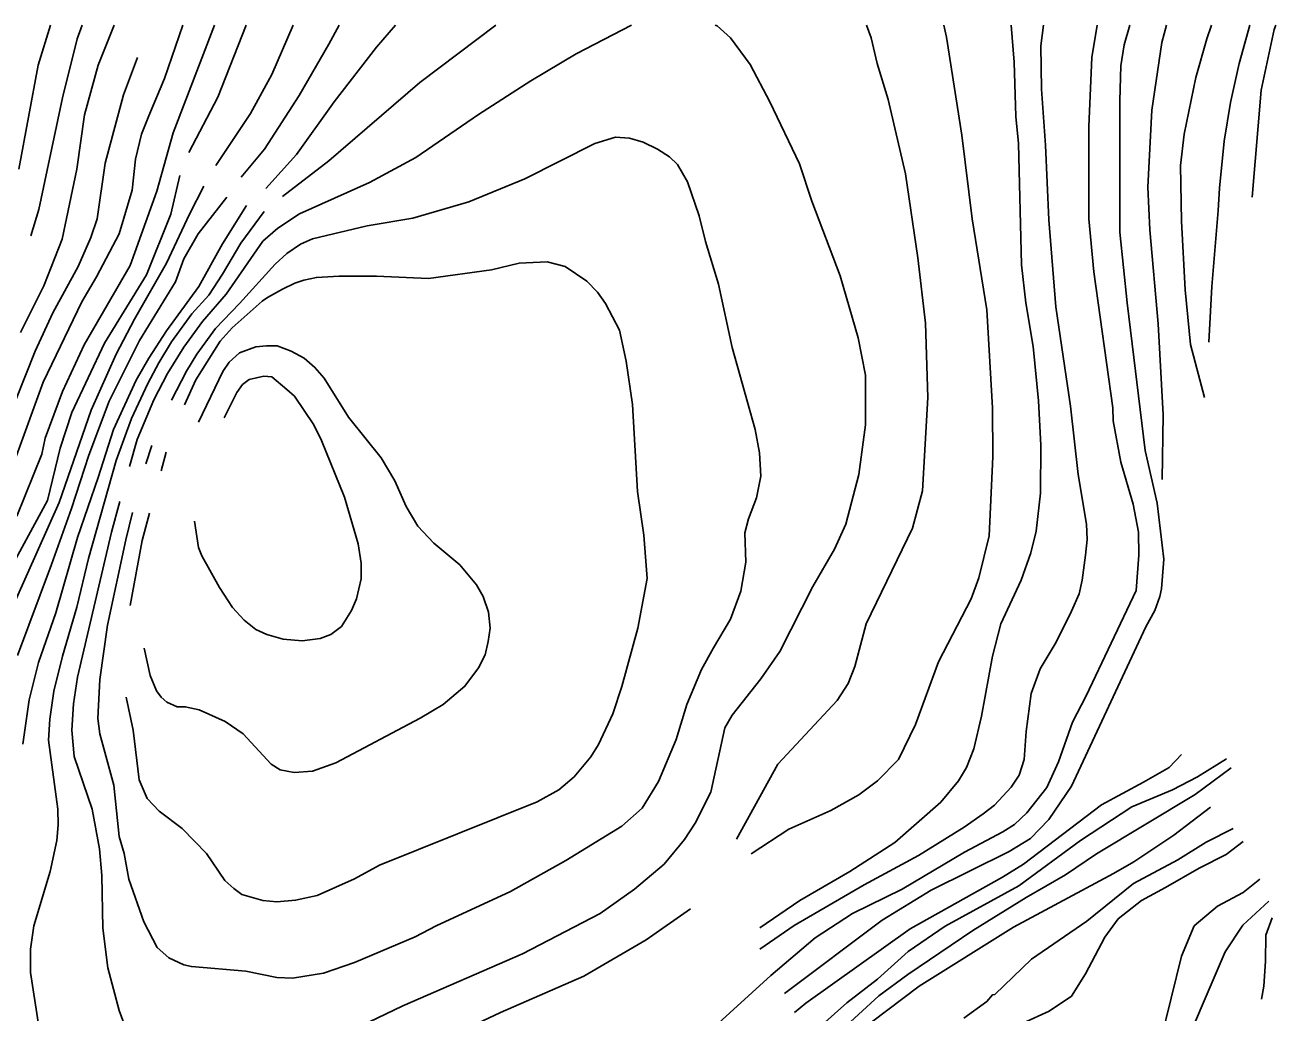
# Model space of a CAD drawing. Extents: x -555860 to -552701, y -1187050 to -1182291.
# Drawn here: x -555576.4 to -555121.9, y -1182649.5 to -1182290.5 of the extents above; entities that cross this region are included whole.
import ezdxf

# ---------------------------------------------------------------- set-up
doc = ezdxf.new("R2010")
doc.units = 0
doc.layers.add('Level 40', color=7, linetype='Continuous')
doc.layers.add('Level 41', color=7, linetype='Continuous')

msp = doc.modelspace()

# ---------------------------------------------------------------- linework, layer by layer
at = {"layer": 'Level 40'}
for points in [[(-555555.64, -1182290.51), (-555557.39, -1182295.51), (-555562.75, -1182316.96), (-555571.36, -1182357.6), (-555574.28, -1182367.14)], [(-555356, -1182290.51), (-555376.2, -1182301.01), (-555392.57, -1182310.75), (-555411.62, -1182323.02), (-555434.34, -1182338.69), (-555451.27, -1182347.72), (-555476.67, -1182359.15), (-555484.57, -1182364.37), (-555489.94, -1182369.03), (-555503.34, -1182388.36), (-555511.95, -1182398.24), (-555518.72, -1182407.55), (-555524.65, -1182417.15), (-555529.59, -1182426.74), (-555535.66, -1182441.14), (-555538.36, -1182450.89)], [(-555495.98, -1182290.51), (-555506.31, -1182316.68), (-555516.89, -1182336.85)], [(-555457.48, -1182655.78), (-555439.13, -1182646.89), (-555395.67, -1182627.98), (-555367.45, -1182613.3), (-555354.89, -1182604.55), (-555344.16, -1182595.38), (-555336.82, -1182586.49), (-555332.87, -1182580.56), (-555327.23, -1182569.27), (-555322.15, -1182545.85), (-555319.47, -1182541.33), (-555309.03, -1182528.07), (-555302.11, -1182518.19), (-555290.11, -1182494.48), (-555282.35, -1182480.93), (-555278.12, -1182471.9), (-555273.46, -1182453.84), (-555271.07, -1182435.78), (-555271.07, -1182417.71), (-555273.75, -1182404.17), (-555280.24, -1182381.59), (-555290.54, -1182354.49), (-555295.05, -1182340.95), (-555305.78, -1182318.37), (-555312.98, -1182304.82), (-555320.03, -1182295.22), (-555324.97, -1182290.85), (-555325.6, -1182290.51)], [(-555186.91, -1182290.51), (-555188.79, -1182302.28), (-555189.92, -1182327.4), (-555189.92, -1182360.98), (-555188.09, -1182380.18), (-555181.17, -1182429.57), (-555181.03, -1182434.36), (-555178.21, -1182449.32), (-555173.84, -1182464.56), (-555171.86, -1182474.73), (-555171.69, -1182483.17), (-555172.71, -1182496.03), (-555190.91, -1182534.28), (-555195.85, -1182543.87), (-555200.93, -1182558.27), (-555205.16, -1182567.58), (-555212.36, -1182576.75), (-555216.88, -1182580.99), (-555221.11, -1182583.67), (-555235.08, -1182591), (-555257.66, -1182604.55), (-555275.72, -1182613.3), (-555289.27, -1182622.19), (-555305.36, -1182635.88), (-555327.09, -1182655.63)], [(-555121.9, -1182290.51), (-555122.61, -1182292.12), (-555127.27, -1182314.13), (-555130.51, -1182353.02)], [(-555583.64, -1182491.66), (-555568.26, -1182463.29), (-555563.6, -1182444.24), (-555559.36, -1182431.26), (-555547.51, -1182406.14), (-555532.27, -1182381.3), (-555523.38, -1182359.29), (-555520.09, -1182345.21)], [(-555541.88, -1182463.58), (-555544.97, -1182474.72), (-555557.25, -1182527.5), (-555558.8, -1182537.1), (-555559.36, -1182546.69), (-555558.52, -1182556.29), (-555552.03, -1182575.48), (-555549.35, -1182589.87), (-555548.5, -1182599.47), (-555548.08, -1182618.66), (-555546.24, -1182633.06), (-555542.15, -1182648.58), (-555538.62, -1182658.18)], [(-555145.65, -1182574.73), (-555159.03, -1182584.86), (-555173.58, -1182594.53), (-555180.89, -1182598.76), (-555217.3, -1182618.24), (-555251.59, -1182639.69), (-555274.31, -1182656.91)], [(-555123.25, -1182614.86), (-555125.55, -1182621.16), (-555125.66, -1182630.67), (-555126.27, -1182639.68), (-555127.15, -1182644.5)]]:
    msp.add_lwpolyline(points, dxfattribs=at)
at = {"layer": 'Level 41'}
for points in [[(-555580.05, -1182448.67), (-555569.81, -1182420.25), (-555555.7, -1182391.04), (-555550.44, -1182382.06), (-555542.15, -1182366.35), (-555537.49, -1182350.54), (-555536.22, -1182339.25), (-555534.1, -1182330.22), (-555531.42, -1182323.45), (-555525.64, -1182309.9), (-555519.02, -1182290.51)], [(-555507.51, -1182290.51), (-555522.53, -1182329.66), (-555528.46, -1182350.82), (-555538.2, -1182377.92), (-555554.85, -1182406.71), (-555562.75, -1182423.64), (-555569.1, -1182440.57), (-555570.28, -1182446.42), (-555579.29, -1182469.01)], [(-555567.11, -1182290.51), (-555571.64, -1182305.1), (-555578.56, -1182342.92)], [(-555543.99, -1182290.51), (-555549.77, -1182305.1), (-555554.71, -1182323.17), (-555557.53, -1182342.92), (-555562.89, -1182368.32), (-555569.53, -1182385.26), (-555577.99, -1182402.19)], [(-555506.99, -1182341.55), (-555494.45, -1182322.6), (-555486.69, -1182308.49), (-555479, -1182290.51)], [(-555462.23, -1182290.51), (-555465.95, -1182297.48), (-555476.81, -1182316.11), (-555489.37, -1182335.58), (-555497.82, -1182345.84)], [(-555488.85, -1182349.94), (-555477.8, -1182337.56), (-555464.11, -1182318.37), (-555448.73, -1182298.61), (-555441.81, -1182290.51)], [(-555405.38, -1182290.51), (-555432.93, -1182311.45), (-555465.95, -1182339.82), (-555482.8, -1182352.86)], [(-555317.86, -1182586.36), (-555302.88, -1182559.1), (-555281.37, -1182535.97), (-555277.27, -1182529.76), (-555274.88, -1182523.55), (-555270.78, -1182508.03), (-555253.99, -1182473.31), (-555250.32, -1182459.77), (-555248.34, -1182425.9), (-555249.19, -1182398.8), (-555252.01, -1182375.1), (-555256.53, -1182344.61), (-555262.74, -1182317.52), (-555266.83, -1182304.54), (-555268.95, -1182295.22), (-555270.72, -1182290.51)], [(-555242.52, -1182290.51), (-555241.57, -1182294.94), (-555236.07, -1182330.5), (-555232.26, -1182360.99), (-555226.9, -1182394.01), (-555224.92, -1182429.57), (-555224.78, -1182447.35), (-555226.05, -1182476.14), (-555229.86, -1182491.38), (-555232.68, -1182499), (-555244.54, -1182521.86), (-555252.86, -1182544.72), (-555259.07, -1182557.42), (-555266.69, -1182565.18), (-555273.46, -1182570.26), (-555283.62, -1182575.91), (-555298.86, -1182582.68), (-555312.51, -1182591.71)], [(-555206.42, -1182290.51), (-555207.28, -1182298.05), (-555207.14, -1182313.85), (-555205.59, -1182334.17), (-555204.46, -1182361.27), (-555201.92, -1182392.88), (-555196.56, -1182429), (-555193.73, -1182453.84), (-555190.77, -1182471.9), (-555190.51, -1182477.48), (-555191.05, -1182483.19), (-555192.32, -1182492.22), (-555193.43, -1182497.18), (-555196.13, -1182503.51), (-555201.78, -1182514.8), (-555207.56, -1182524.4), (-555210.81, -1182533.43), (-555212.64, -1182547.26), (-555213.35, -1182557.42), (-555215.18, -1182563.06), (-555218.15, -1182567.44), (-555224.21, -1182573.93), (-555228.31, -1182577.18), (-555235.22, -1182581.97), (-555251.73, -1182592.27), (-555271.49, -1182602.86), (-555296.89, -1182617.68), (-555309.45, -1182626.28)], [(-555309.39, -1182618.52), (-555294.91, -1182608.64), (-555276.71, -1182598.06), (-555260.34, -1182587.48), (-555243.69, -1182572.94), (-555237.2, -1182565.18), (-555234.38, -1182560.24), (-555231.69, -1182553.47), (-555228.87, -1182541.61), (-555224.92, -1182519.88), (-555221.82, -1182508.03), (-555214.48, -1182492.22), (-555210.95, -1182482.34), (-555208.97, -1182474.44), (-555207.42, -1182460.61), (-555207.28, -1182443.11), (-555208.13, -1182427.03), (-555210.1, -1182407.27), (-555212.78, -1182391.47), (-555214.34, -1182377.64), (-555215.46, -1182333.61), (-555216.45, -1182323.73), (-555217.02, -1182303.97), (-555218.09, -1182290.51)], [(-555300.42, -1182642.4), (-555265, -1182615.7), (-555247.22, -1182604.83), (-555218.85, -1182590.86), (-555211.09, -1182586.06), (-555204.46, -1182579.15), (-555196.13, -1182567.01), (-555169.18, -1182509.16), (-555165.93, -1182503.23), (-555164.1, -1182498.15), (-555163.48, -1182495.35), (-555162.63, -1182484.63), (-555165.02, -1182464.23), (-555169.47, -1182445.08), (-555175.95, -1182391.47), (-555178.63, -1182365.78), (-555178.63, -1182318.09), (-555178.21, -1182305.39), (-555177.08, -1182297.76), (-555174.95, -1182290.51)], [(-555163.3, -1182455.69), (-555162.94, -1182432.17), (-555164.65, -1182399.1), (-555167.77, -1182364.94), (-555168.47, -1182349.41), (-555167.06, -1182321.47), (-555163.39, -1182296.92), (-555161.63, -1182290.51)], [(-555147.84, -1182425.79), (-555152.9, -1182406.57), (-555154.93, -1182386.67), (-555156.2, -1182361.83), (-555156.62, -1182341.51), (-555155.21, -1182330.22), (-555150.97, -1182309.62), (-555147.02, -1182295.51), (-555145.36, -1182290.51)], [(-555131.39, -1182290.51), (-555135.31, -1182304.54), (-555138.42, -1182318.65), (-555140.67, -1182332.76), (-555142.41, -1182349.84), (-555142.93, -1182357.88), (-555145.19, -1182385.54), (-555146.28, -1182405.78)], [(-555535.53, -1182302.28), (-555540.6, -1182315.83), (-555547.23, -1182340.66), (-555550.19, -1182360.98), (-555552.45, -1182367.76), (-555557.11, -1182378.2), (-555566.28, -1182395.13), (-555572.63, -1182408.96), (-555586.62, -1182443.8)], [(-555523.2, -1182426.76), (-555517.74, -1182416.3), (-555513.93, -1182410.09), (-555507.15, -1182400.78), (-555498.4, -1182391.75), (-555485.53, -1182377.45), (-555481.24, -1182373.54), (-555476.25, -1182370.16), (-555471.87, -1182368.18), (-555452.12, -1182363.52), (-555435.46, -1182360.7), (-555415.15, -1182354.78), (-555394.82, -1182346.45), (-555369.42, -1182333.61), (-555361.8, -1182331.21), (-555356.72, -1182331.63), (-555351.76, -1182333.05), (-555346.56, -1182335.58), (-555342.19, -1182338.41), (-555339.36, -1182341.23), (-555335.7, -1182347.44), (-555331.46, -1182359.86), (-555329.2, -1182369.17), (-555324.41, -1182384.69), (-555319.47, -1182407.69), (-555311.14, -1182437.47), (-555309.59, -1182445.94), (-555309.03, -1182454.4), (-555310.58, -1182462.31), (-555313.54, -1182469.93), (-555314.81, -1182475.01), (-555314.53, -1182485.73), (-555316.36, -1182496.17), (-555320.03, -1182506.33), (-555326.24, -1182516.78), (-555330.62, -1182524.68), (-555335.98, -1182537.38), (-555339.79, -1182550.08), (-555346.28, -1182565.32), (-555352.21, -1182575.06), (-555359.55, -1182581.55), (-555379.87, -1182594.11), (-555400.05, -1182605.4), (-555427, -1182617.82), (-555434.62, -1182621.77), (-555456.63, -1182631.08), (-555467.92, -1182635.03), (-555479.21, -1182636.87), (-555484.86, -1182636.58), (-555496.15, -1182634.33), (-555515.9, -1182632.63), (-555518.72, -1182631.93), (-555524.09, -1182629.39), (-555528.32, -1182625.72), (-555533.26, -1182616.41), (-555538.62, -1182600.88), (-555540.31, -1182591.57), (-555542.15, -1182585.36), (-555544.12, -1182566.73), (-555549.2, -1182548.1), (-555549.91, -1182542.46), (-555549.2, -1182528.35), (-555546.38, -1182508.59), (-555539.75, -1182477.55), (-555537.29, -1182467.61)], [(-555511.42, -1182349.09), (-555516.61, -1182359.29), (-555524.93, -1182377.07), (-555536.65, -1182397.39), (-555543.28, -1182410.09), (-555552.31, -1182430.41), (-555563.96, -1182463.96), (-555583.5, -1182507.75)], [(-555503.1, -1182353.01), (-555513.47, -1182366.38), (-555518.72, -1182375.52), (-555521.69, -1182383.85), (-555534.81, -1182405.15), (-555545.82, -1182427.17), (-555553.16, -1182446.78), (-555559.51, -1182466.12), (-555566.7, -1182486.58), (-555579.12, -1182519.6)], [(-555495.91, -1182356.08), (-555504.63, -1182369.98), (-555513.22, -1182385.54), (-555524.93, -1182401.63), (-555531.42, -1182411.5), (-555535.99, -1182419.57), (-555544.17, -1182437.44), (-555549.77, -1182454.97), (-555557.27, -1182476.71), (-555565.15, -1182504.08), (-555571.5, -1182522.14), (-555574.89, -1182535.69), (-555577.15, -1182551.77)], [(-555489.53, -1182358.26), (-555497.92, -1182369.83), (-555504.61, -1182381.02), (-555509.55, -1182388.64), (-555515.76, -1182395.42), (-555523.1, -1182405.58), (-555527.76, -1182413.2), (-555531.71, -1182420.82), (-555537.63, -1182433.52), (-555543.28, -1182448.76), (-555553.3, -1182484.32), (-555557.55, -1182502), (-555562.75, -1182519.88), (-555565.86, -1182532.58), (-555567.41, -1182542.74), (-555567.83, -1182550.36), (-555564.45, -1182575.48), (-555564.3, -1182581.13), (-555564.87, -1182586.77), (-555567.27, -1182598.06), (-555573.2, -1182617.82), (-555574.32, -1182626.28), (-555574.32, -1182634.75), (-555571.64, -1182652.81)], [(-555539.6, -1182534.69), (-555537.07, -1182546.69), (-555534.95, -1182564.76), (-555531.99, -1182571.53), (-555527.61, -1182576.19), (-555519.29, -1182582.4), (-555510.4, -1182591.57), (-555503.77, -1182601.3), (-555500.5, -1182604.28), (-555497.56, -1182606.39), (-555489.94, -1182608.64), (-555484.89, -1182609.09), (-555478.08, -1182608.5), (-555470.18, -1182606.81), (-555456.63, -1182600.74), (-555447.6, -1182595.8), (-555390.31, -1182572.8), (-555382.41, -1182568.43), (-555376.9, -1182563.63), (-555370.83, -1182556.43), (-555368.01, -1182551.91), (-555362.79, -1182540.77), (-555359.55, -1182530.89), (-555353.76, -1182509.72), (-555350.37, -1182491.66), (-555351.5, -1182475.85), (-555353.9, -1182460.05), (-555355.73, -1182428.44), (-555357.99, -1182412.63), (-555360.39, -1182401.34), (-555365.47, -1182391.75), (-555368.44, -1182387.52), (-555372.24, -1182383.56), (-555380.15, -1182378.2), (-555386.64, -1182376.51), (-555396.8, -1182377.07), (-555406.96, -1182379.47), (-555429.82, -1182382.57), (-555448.73, -1182381.73), (-555462.28, -1182381.73), (-555470.49, -1182382.21), (-555475.03, -1182383.16), (-555478.32, -1182384.26), (-555482.88, -1182386.53), (-555488.24, -1182389.49), (-555490.22, -1182390.9), (-555501.08, -1182400.5), (-555505.46, -1182405.44), (-555514.35, -1182419.41), (-555518.46, -1182428.53)], [(-555513.36, -1182434.79), (-555504.47, -1182416.44), (-555502.21, -1182413.05), (-555498.4, -1182409.67), (-555492.48, -1182407.41), (-555488.59, -1182407.02), (-555484.71, -1182407.13), (-555479.69, -1182409.06), (-555474.98, -1182411.5), (-555471.03, -1182414.89), (-555467.64, -1182418.84), (-555458.89, -1182432.95), (-555447.04, -1182447.77), (-555441.96, -1182456.1), (-555437.86, -1182465.41), (-555433.63, -1182472.61), (-555427.84, -1182478.82), (-555418.37, -1182486.68), (-555412.32, -1182493.92), (-555409.9, -1182498.2), (-555407.95, -1182503.79), (-555407.38, -1182509.72), (-555408.15, -1182514.55), (-555409.22, -1182519.32), (-555411.62, -1182524.11), (-555416.56, -1182530.75), (-555424.46, -1182537.38), (-555432.78, -1182542.32), (-555463.41, -1182558.55), (-555471.87, -1182561.65), (-555478.65, -1182562.07), (-555483.73, -1182561.09), (-555486.97, -1182559.11), (-555497.13, -1182548.1), (-555503.62, -1182543.59), (-555513.08, -1182539.35), (-555518.16, -1182538.23), (-555521.12, -1182538.23), (-555524.86, -1182536.59), (-555526.92, -1182534.73), (-555528.6, -1182532.44), (-555530.86, -1182526.8), (-555533.12, -1182516.92)], [(-555504.03, -1182433.29), (-555499.36, -1182424.09), (-555497.32, -1182421.18), (-555494.9, -1182419.31), (-555489.65, -1182418.14), (-555486.71, -1182418.39), (-555481.21, -1182422.9), (-555478.52, -1182425.41), (-555471.45, -1182435.78), (-555468.63, -1182441.42), (-555460.3, -1182462.02), (-555455.36, -1182478.96), (-555454.23, -1182486.01), (-555454.3, -1182491.72), (-555455.93, -1182499), (-555457.76, -1182503.23), (-555461.43, -1182509.02), (-555465.24, -1182511.98), (-555469.19, -1182513.39), (-555475.68, -1182514.24), (-555482.6, -1182513.67), (-555488.53, -1182511.98), (-555492.48, -1182510.14), (-555496.71, -1182506.76), (-555500.94, -1182502.1), (-555505.74, -1182494.9), (-555512.09, -1182483.33), (-555513.36, -1182480.37), (-555514.78, -1182470.82)], [(-555532.5, -1182449.89), (-555530.26, -1182443.23)], [(-555525.04, -1182445.7), (-555526.9, -1182452.52)], [(-555531.11, -1182467.93), (-555533.82, -1182477.83), (-555538.2, -1182501.39)], [(-555296.86, -1182649.25), (-555292.72, -1182645.92), (-555254.84, -1182618.94), (-555221.25, -1182600.18), (-555213.63, -1182595.38), (-555185.32, -1182573.9), (-555170.08, -1182565.66), (-555160.71, -1182560.25), (-555156.26, -1182555.55)], [(-555294.63, -1182660.86), (-555277.84, -1182645.76), (-555266.69, -1182637.15), (-555255.54, -1182627.13), (-555242.14, -1182617.96), (-555215.32, -1182603.28), (-555192.89, -1182586.77), (-555174.3, -1182574.58), (-555159.53, -1182568.44), (-555150.38, -1182563.73), (-555139.83, -1182557.14)], [(-555280.94, -1182656.76), (-555266.13, -1182643.22), (-555255.68, -1182635.45), (-555231.98, -1182619.51), (-555212.64, -1182607.51), (-555198.39, -1182599.33), (-555187.1, -1182591.71), (-555151.31, -1182570.06), (-555138.17, -1182560.4)], [(-555235.36, -1182651.4), (-555226.9, -1182645.33), (-555224.92, -1182642.94), (-555224.07, -1182642.79), (-555210.67, -1182629.95), (-555190.63, -1182616.12), (-555173.7, -1182602.44), (-555157.6, -1182593.79), (-555147.27, -1182587.42), (-555137.4, -1182582.46)], [(-555213.91, -1182653.24), (-555204.32, -1182648.86), (-555196.13, -1182643.36), (-555191.05, -1182635.31), (-555184.14, -1182621.91), (-555179.2, -1182615.28), (-555170.75, -1182608.64), (-555162.05, -1182603.91), (-555149.83, -1182596.83), (-555139.96, -1182591.87), (-555133.86, -1182587.16)], [(-555127.76, -1182600.84), (-555133.77, -1182605.76), (-555143.1, -1182610.69), (-555151.64, -1182617.83), (-555156.2, -1182628.82), (-555163.68, -1182659.3), (-555169.32, -1182672.85), (-555174.4, -1182679.34), (-555184.56, -1182686.96), (-555190.77, -1182689.36), (-555203.19, -1182692.32), (-555212.5, -1182697.12), (-555236.43, -1182711.72), (-555258.02, -1182721.83), (-555271.52, -1182726.03)], [(-555430.67, -1182661.99), (-555403.57, -1182649.28), (-555373.37, -1182636.16), (-555350.66, -1182622.9), (-555334.57, -1182611.61)], [(-555124.51, -1182608.82), (-555133.9, -1182617.63), (-555140.38, -1182627.31), (-555158.74, -1182670.31), (-555167.06, -1182685.05), (-555174.66, -1182691.94), (-555183.01, -1182696.38)]]:
    msp.add_lwpolyline(points, dxfattribs=at)

doc.saveas('drawing.dxf')

What the exercise asks — What number of lines in the data contain the word "layers"? Give the number and nothing else.

Response box — 2